En distinguant un usage socio-économique et un usage plus directement évangélique (que nous désignerons aussi comme « spirituel », au sens de la béatitude de saint Matthieu) du terme « pauvreté », nous espérons – en nous gardant aussi bien des oppositions faciles que des identifications simplistes – apporter à cette question et à cette inquiétude un élément de réponse.

On s’efforcera tout d’abord de cerner la distinction entre la pauvreté socio-économique et la pauvreté évangélique ; – il faudra ensuite tâcher de préciser le rapport qui existe entre elles ; – au terme de cette double approche, sera évoquée la menace pesant aujourd’hui sur le vocabulaire de la pauvreté, à partir d’options idéologiques, la plupart du temps insuffisamment réfléchies.

1. Distinction entre la pauvreté socio-économique et la pauvreté évangélique

Première étape : situation ou engagement

Il semble qu’on peut reconnaître dans la pauvreté socioéconomique avant tout un fait, un état, une situation donnée ; la pauvreté évangélique, par contre, est essentiellement attitude et comportement de la liberté, option, engagement dans la ligne de l’évangile.

Précisons quelque peu cette première distinction :

  • Être un pauvre, au point de vue socio-économique, c’est ne pas disposer en fait des biens ni des ressources nécessaires pour mener une vie aisée ou même décente ; c’est être obligé parfois de vivre d’expédients ou des fruits durement acquis par le travail ; c’est, d’autre part, se situer dans une frange de la société qui ne dispose ni de l’avoir, ni du savoir, ni du pouvoir, mais qui est au contraire ou « dominée » ou à la remorque des leaders sociaux.
  • Être un pauvre, au point de vue évangélique, c’est avoir mis sa foi dans l’Évangile, c’est avoir choisi, dès lors, de ne pas faire résider sa confiance dans les biens périssables ; c’est avoir pris l’attitude propre aux anawim, aux pauvres de Yahvé, qui renoncent à établir leur vie sur eux-mêmes et sur leur suffisance autonome, et qui s’en remettent à Dieu qui à travers tout les aime et les conduit.

De tels pauvres, par ailleurs, renoncent du même coup aux assurances humaines, à la course à l’argent et aux honneurs.

En résumé : on a, d’une part, une situation de fait, et d’autre part, l’objet d’un choix. D’une part, il s’agit d’un manque non choisi, même s’il peut être ensuite accepté et aimé ; d’autre part, il s’agit d’un manque voulu et décidé, en fonction d’une adhésion première à la vraie richesse, qui est l’amour de Dieu.

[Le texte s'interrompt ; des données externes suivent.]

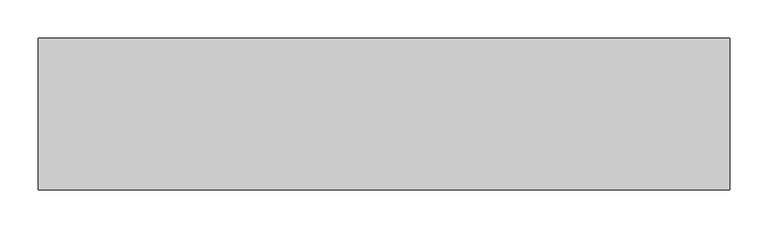
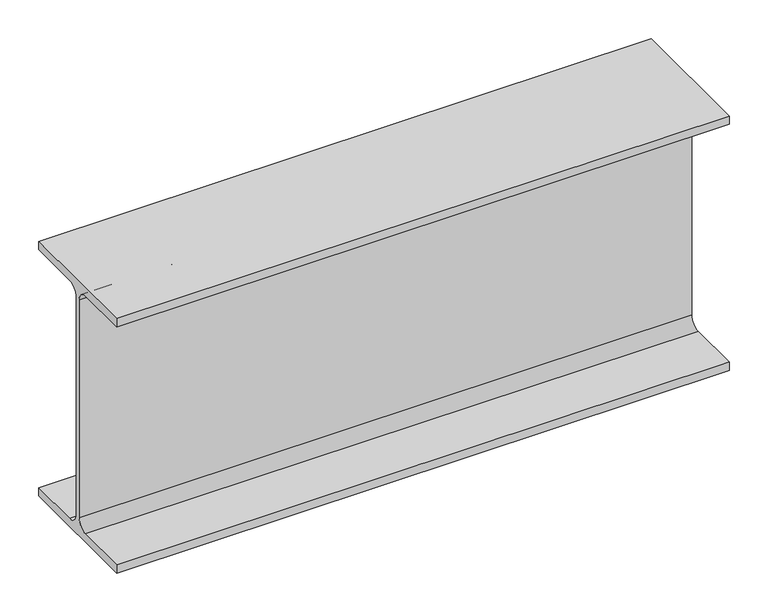
"""IFC4 building model written with IfcOpenShell, lengths in millimetres: beam geometry, Steel Framing_H_KS : H_SB_AR_S02_H-400x200x8x13_SCB1."""

import ifcopenshell
import ifcopenshell.guid

model = None  # the IFC model being written
_history = None  # IfcOwnerHistory: only IFC2X3 demands one
_inside = {}  # id of a spatial element -> (the spatial element, [elements in it])
_under = {}  # id of a project, library or spatial element -> (it, [spatial elements below it])
_declared = {}  # id of a project -> (the project, [libraries it declares])
_typed = {}  # id of a type object -> (the type object, [elements of that type])
_made_of = {}  # id of a material, layer set ... -> (it, [elements and type objects made of it])


def new_model(schema):
    """Start an empty IFC model of exactly this schema.

    Asked for "IFC4X3", IfcOpenShell would pick the latest addendum, in which some entities
    have other attributes; the version numbers below select the first issue.
    IFC2X3 requires an IfcOwnerHistory on every rooted entity: one is made here for all.
    """
    global model, _history
    if schema == "IFC4X3":
        model = ifcopenshell.file(schema_version=(4, 3, 0, 0))
    else:
        model = ifcopenshell.file(schema=schema)
    _inside.clear()
    _under.clear()
    _declared.clear()
    _typed.clear()
    _made_of.clear()
    _history = None
    if model.schema == "IFC2X3":
        org = make("IfcOrganization", Name="unknown")
        user = make(
            "IfcPersonAndOrganization",
            ThePerson=make("IfcPerson", FamilyName="unknown"),
            TheOrganization=org,
        )
        app = make(
            "IfcApplication",
            ApplicationDeveloper=org,
            Version="unknown",
            ApplicationFullName="unknown",
            ApplicationIdentifier="unknown",
        )
        _history = make(
            "IfcOwnerHistory",
            OwningUser=user,
            OwningApplication=app,
            ChangeAction="ADDED",
            CreationDate=0,
        )
    return model


def make(cls, **values):
    """One entity of the class cls with the attributes given. An attribute that is None is left unset."""
    return model.create_entity(
        cls, **{name: value for name, value in values.items() if value is not None}
    )


def rooted(cls, **values):
    """An entity with a GlobalId (a new one), such as an element, a storey or a relation."""
    return make(cls, GlobalId=ifcopenshell.guid.new(), OwnerHistory=_history, **values)


def si_unit(unit_type, name, prefix=None):
    """IfcSIUnit, for example si_unit("LENGTHUNIT", "METRE", prefix="MILLI")."""
    return make("IfcSIUnit", UnitType=unit_type, Prefix=prefix, Name=name)


def assignment(units):
    """IfcUnitAssignment: the units of a project."""
    return None if units is None else make("IfcUnitAssignment", Units=units)


def point(xyz):
    """IfcCartesianPoint."""
    return None if xyz is None else make("IfcCartesianPoint", Coordinates=xyz)


def direction(xyz):
    """IfcDirection."""
    return None if xyz is None else make("IfcDirection", DirectionRatios=xyz)


def frame(location, z_axis=None, x_axis=None):
    """IfcAxis2Placement3D, a coordinate frame: its origin and axes. An axis left out is left unset."""
    return make(
        "IfcAxis2Placement3D",
        Location=point(location),
        Axis=direction(z_axis),
        RefDirection=direction(x_axis),
    )


def frame_2d(location, x_axis=None):
    """IfcAxis2Placement2D, a coordinate frame in the plane: its origin and x axis."""
    return make(
        "IfcAxis2Placement2D", Location=point(location), RefDirection=direction(x_axis)
    )


def origin():
    """The frame at (0, 0, 0) with its axes left unset."""
    return frame((0.0, 0.0, 0.0))


def place(relative_to, where):
    """IfcLocalPlacement: puts the frame where relative to a parent placement (None: the world)."""
    return make(
        "IfcLocalPlacement", PlacementRelTo=relative_to, RelativePlacement=where
    )


def context(
    kind, dimensions, precision=None, world=None, true_north=None, identifier=None
):
    """IfcGeometricRepresentationContext, for example the 3D "Model" context."""
    return make(
        "IfcGeometricRepresentationContext",
        ContextIdentifier=identifier,
        ContextType=kind,
        CoordinateSpaceDimension=dimensions,
        Precision=precision,
        WorldCoordinateSystem=world,
        TrueNorth=true_north,
    )


def project(units=None, contexts=None):
    """IfcProject with its units and contexts."""
    return rooted(
        "IfcProject",
        Name="project",
        RepresentationContexts=contexts,
        UnitsInContext=assignment(units),
    )


def spatial(cls, under=None, at=None, **own):
    """A site, building, storey or space (cls), placed at a placement, below another one or the project."""
    s = rooted(cls, ObjectPlacement=at, **own)
    if under is not None:
        _under.setdefault(under.id(), (under, []))[1].append(s)
    return s


def polyline(points):
    """IfcPolyline through the points."""
    return make("IfcPolyline", Points=[point(p) for p in points])


def circle_curve(where, radius):
    """IfcCircle in the frame where."""
    return make("IfcCircle", Position=where, Radius=radius)


def trimmed(basis, trim1, trim2, sense, master):
    """IfcTrimmedCurve: the piece of a basis curve between two trims."""
    return make(
        "IfcTrimmedCurve",
        BasisCurve=basis,
        Trim1=trim1,
        Trim2=trim2,
        SenseAgreement=sense,
        MasterRepresentation=master,
    )


def segment(curve, same_sense, transition):
    """IfcCompositeCurveSegment."""
    return make(
        "IfcCompositeCurveSegment",
        Transition=transition,
        SameSense=same_sense,
        ParentCurve=curve,
    )


def composite_curve(segments, self_intersect=None):
    """IfcCompositeCurve: segments joined end to end."""
    return make("IfcCompositeCurve", Segments=segments, SelfIntersect=self_intersect)


def outline(outer, holes=None, kind="AREA"):
    """IfcArbitraryClosedProfileDef: a profile drawn as a closed curve; with holes, ...WithVoids."""
    if holes is None:
        return make("IfcArbitraryClosedProfileDef", ProfileType=kind, OuterCurve=outer)
    return make(
        "IfcArbitraryProfileDefWithVoids",
        ProfileType=kind,
        OuterCurve=outer,
        InnerCurves=holes,
    )


def extrude(swept, where, along, depth):
    """IfcExtrudedAreaSolid: the profile swept, set in the frame where, extruded along a direction by depth."""
    return make(
        "IfcExtrudedAreaSolid",
        SweptArea=swept,
        Position=where,
        ExtrudedDirection=direction(along),
        Depth=depth,
    )


def shape(context_of_items, identifier, shape_type, items):
    """IfcShapeRepresentation: the items that make up one representation, for example the "Body"."""
    return make(
        "IfcShapeRepresentation",
        ContextOfItems=context_of_items,
        RepresentationIdentifier=identifier,
        RepresentationType=shape_type,
        Items=items,
    )


def source(mapping_origin, context_of_items, identifier, shape_type, items):
    """IfcRepresentationMap: a shape defined once, which mapped items show again and again."""
    return make(
        "IfcRepresentationMap",
        MappingOrigin=mapping_origin,
        MappedRepresentation=shape(context_of_items, identifier, shape_type, items),
    )


def transform(
    local_origin,
    x_axis=None,
    y_axis=None,
    z_axis=None,
    scale=None,
    scale2=None,
    scale3=None,
    uniform=True,
):
    """IfcCartesianTransformationOperator3D, or its non-uniform kind. x_axis, y_axis, z_axis: its Axis1, 2, 3."""
    if uniform:
        return make(
            "IfcCartesianTransformationOperator3D",
            Axis1=direction(x_axis),
            Axis2=direction(y_axis),
            LocalOrigin=point(local_origin),
            Scale=scale,
            Axis3=direction(z_axis),
        )
    return make(
        "IfcCartesianTransformationOperator3DnonUniform",
        Axis1=direction(x_axis),
        Axis2=direction(y_axis),
        LocalOrigin=point(local_origin),
        Scale=scale,
        Axis3=direction(z_axis),
        Scale2=scale2,
        Scale3=scale3,
    )


def mapped(mapping_source, mapping_target):
    """IfcMappedItem: shows the shape of a source again, moved by a transform."""
    return make(
        "IfcMappedItem", MappingSource=mapping_source, MappingTarget=mapping_target
    )


def made_of(thing, what):
    """Note that an element or type object is made of a material, layer set ...; save() writes the relation."""
    if what is not None:
        _made_of.setdefault(what.id(), (what, []))[1].append(thing)
    return thing


def element(
    cls,
    number,
    at=None,
    inside=None,
    cuts=None,
    type_object=None,
    material=None,
    context=None,
    identifier="Body",
    shape_type=None,
    held_by="IfcProductDefinitionShape",
    body=None,
    shapes=None,
    **own,
):
    """One element of the class cls, such as IfcWall. Its Tag is "e" and its number.

    at: its placement. inside: the storey or other place that contains it. cuts: it is an
    opening in that element (IfcRelVoidsElement). A single representation is given by context,
    identifier, shape_type and body (its items); several are given by shapes. held_by: the class
    of the entity that holds the representations. save() writes the other relations.
    """
    e = rooted(cls, Tag="e%d" % number, ObjectPlacement=at, **own)
    if body is not None:
        shapes = [shape(context, identifier, shape_type, body)]
    if shapes is not None:
        e.Representation = make(held_by, Representations=shapes)
    if inside is not None:
        _inside.setdefault(inside.id(), (inside, []))[1].append(e)
    if cuts is not None:
        rooted(
            "IfcRelVoidsElement", RelatingBuildingElement=cuts, RelatedOpeningElement=e
        )
    if type_object is not None:
        _typed.setdefault(type_object.id(), (type_object, []))[1].append(e)
    return made_of(e, material)


def aggregate(whole, parts):
    """IfcRelAggregates: a whole, such as a stair, and the parts it consists of."""
    return rooted("IfcRelAggregates", RelatingObject=whole, RelatedObjects=parts)


def save(model, path):
    """Write the relations noted so far, then the file.

    IfcRelAggregates (storeys below a building ...), IfcRelContainedInSpatialStructure (elements
    in a storey), IfcRelDefinesByType, IfcRelAssociatesMaterial and IfcRelDeclares: one each for
    every whole, place, type object, material and project.
    """
    for whole, parts in _under.values():
        aggregate(whole, parts)
    for where, things in _inside.values():
        rooted(
            "IfcRelContainedInSpatialStructure",
            RelatedElements=things,
            RelatingStructure=where,
        )
    for kind, things in _typed.values():
        rooted("IfcRelDefinesByType", RelatedObjects=things, RelatingType=kind)
    for what, things in _made_of.values():
        rooted("IfcRelAssociatesMaterial", RelatedObjects=things, RelatingMaterial=what)
    for by, libraries in _declared.values():
        rooted("IfcRelDeclares", RelatingContext=by, RelatedDefinitions=libraries)
    model.write(path)


def beam_29f4eb64(model_context):
    return source(origin(), model_context, "Body", "SweptSolid", [
        extrude(outline(composite_curve([segment(polyline([(-100.0, -187.0), (-20.0, -187.0)]), True, "CONTINUOUS"), segment(trimmed(circle_curve(frame_2d((-20.0, -171.0)), 16.0), [point((-20.0, -187.0))], [point((-4.0, -171.0))], True, "CARTESIAN"), True, "CONTINUOUS"), segment(polyline([(-4.0, -171.0), (-4.0, 171.0)]), True, "CONTINUOUS"), segment(trimmed(circle_curve(frame_2d((-20.0, 171.0)), 16.0), [point((-4.0, 171.0))], [point((-20.0, 187.0))], True, "CARTESIAN"), True, "CONTINUOUS"), segment(polyline([(-20.0, 187.0), (-100.0, 187.0), (-100.0, 200.0), (100.0, 200.0), (100.0, 187.0), (20.0, 187.0)]), True, "CONTINUOUS"), segment(trimmed(circle_curve(frame_2d((20.0, 171.0)), 16.0), [point((20.0, 187.0))], [point((4.0, 171.0))], True, "CARTESIAN"), True, "CONTINUOUS"), segment(polyline([(4.0, 171.0), (4.0, -171.0)]), True, "CONTINUOUS"), segment(trimmed(circle_curve(frame_2d((20.0, -171.0)), 16.0), [point((4.0, -171.0))], [point((20.0, -187.0))], True, "CARTESIAN"), True, "CONTINUOUS"), segment(polyline([(20.0, -187.0), (100.0, -187.0), (100.0, -200.0), (-100.0, -200.0), (-100.0, -187.0)]), True, "CONTINUOUS")], self_intersect=False)), frame((-380.0, 0.0, 0.0), z_axis=(1.0, 0.0, 0.0), x_axis=(0.0, 1.0, 0.0)), (0.0, 0.0, 1.0), 910.0),
    ])


if __name__ == "__main__":
    model = new_model("IFC4")
    model_context = context("Model", 3, world=origin())
    ifc_project = project(units=[si_unit("LENGTHUNIT", "METRE", prefix="MILLI")], contexts=[model_context])
    site = spatial("IfcSite", under=ifc_project)
    building = spatial("IfcBuilding", under=site)
    placement = place(None, origin())
    beam_shape = beam_29f4eb64(model_context)
    element("IfcBeam", 1, ObjectType="Steel Framing_H_KS : H_SB_AR_S02_H-400x200x8x13_SCB1", at=placement, inside=building, context=model_context, shape_type="MappedRepresentation", body=[
        mapped(beam_shape, transform((0.0, 0.0, 0.0), x_axis=(1.0, 0.0, 0.0), y_axis=(0.0, 1.0, 0.0), z_axis=(0.0, 0.0, 1.0))),
    ])
    save(model, "model.ifc")

# Revit data of these elements
# Type "Steel Framing_H_KS : H_SB_AR_S02_H-400x200x8x13_SCB1"
#   Type Comments = "MAIN"
#   Type Mark = "SCB1"
#   H_SectionID = "H-400x200x8x13"
#   H_Ratio for Additional Steel Plate = 0.2
#   Width = 20.0 cm
#   Web Thickness = 0.8 cm
#   Web Fillet = 1.6 cm
#   Warping Constant = 649000.0 cm⁶
#   Torsional Moment of Inertia = 35.8981 cm⁴
#   Section Area = 84.12 cm²
#   Plastic Modulus weak axis = 268.0 cm³
#   Plastic Modulus strong axis = 1330.0 cm³
#   Perimeter = 1.56 m²/m
#   Nominal Weight = 66.00 kgf/m
#   Moment of Inertia weak axis = 1740.00 cm⁴
#   Moment of Inertia strong axis = 23700.00 cm⁴
#   Height = 40.0 cm
#   Flange Thickness = 1.3 cm
#   Elastic Modulus weak axis = 174.0 cm³
#   Elastic Modulus strong axis = 1190.0 cm³
#   Centroid Vertical = 20.0 cm
#   Centroid Horizontal = 10.0 cm
#   Bolt Spacing = 8.89 cm
#   Length [instance default] = 1500 mm
#   Structural Material [instance default] = Steel, 45-345
#   Section Name Key = ""
#   Assembly Code = ""
# Element 1 (IfcBeam, "Steel Framing_H_KS : H_SB_AR_S02_H-400x200x8x13_SCB1")
#   Materials on its faces: "Steel, 45-345"
# Materials
#   "Steel, 45-345": class "Metal", colour RGB 189 187 185, transparency 0, Description = "Steel 345 MPa", Cost = 0

Seconde étape : relation au monde, relation à Dieu

Nous sommes ainsi invités à approfondir cette première distinction, et à proposer une seconde approche de la même réflexion. Pour y entrer, il suffit de prêter attention au vocabulaire employé lorsqu’on qualifie ces deux formes de pauvreté. Que veut dire le point de vue socio-économique ? Que veut dire le point de vue évangélique (ou spirituel) ?

Le point de vue socio-économique est – on s’en doute – le point de vue qui considère les choses en fonction de la réalité sociale et des lois de l’économie. Considérer la pauvreté économiquement, c’est donc lui accorder tout d’abord un statut économique, c’est-à-dire la considérer en tant que résultant d’un certain mode de relation de l’homme au monde : l’homme économiquement pauvre est celui qui a moins que sa part dans la répartition des biens du monde, celui qui ne peut en disposer que de manière fort limitée et parcimonieuse. Considérer la pauvreté sociologiquement ou socialement, c’est lui accorder un statut social, c’est-à-dire la considérer en tant que définissant la relation de l’homme à ses semblables : l’homme socialement pauvre est celui qui s’éprouve, et qui est, en fait, en état d’infériorité par rapport aux autres membres de la société, infériorité qui peut souvent se traduire dans un rapport de domination ou être l’effet ou la conséquence d’un tel rapport.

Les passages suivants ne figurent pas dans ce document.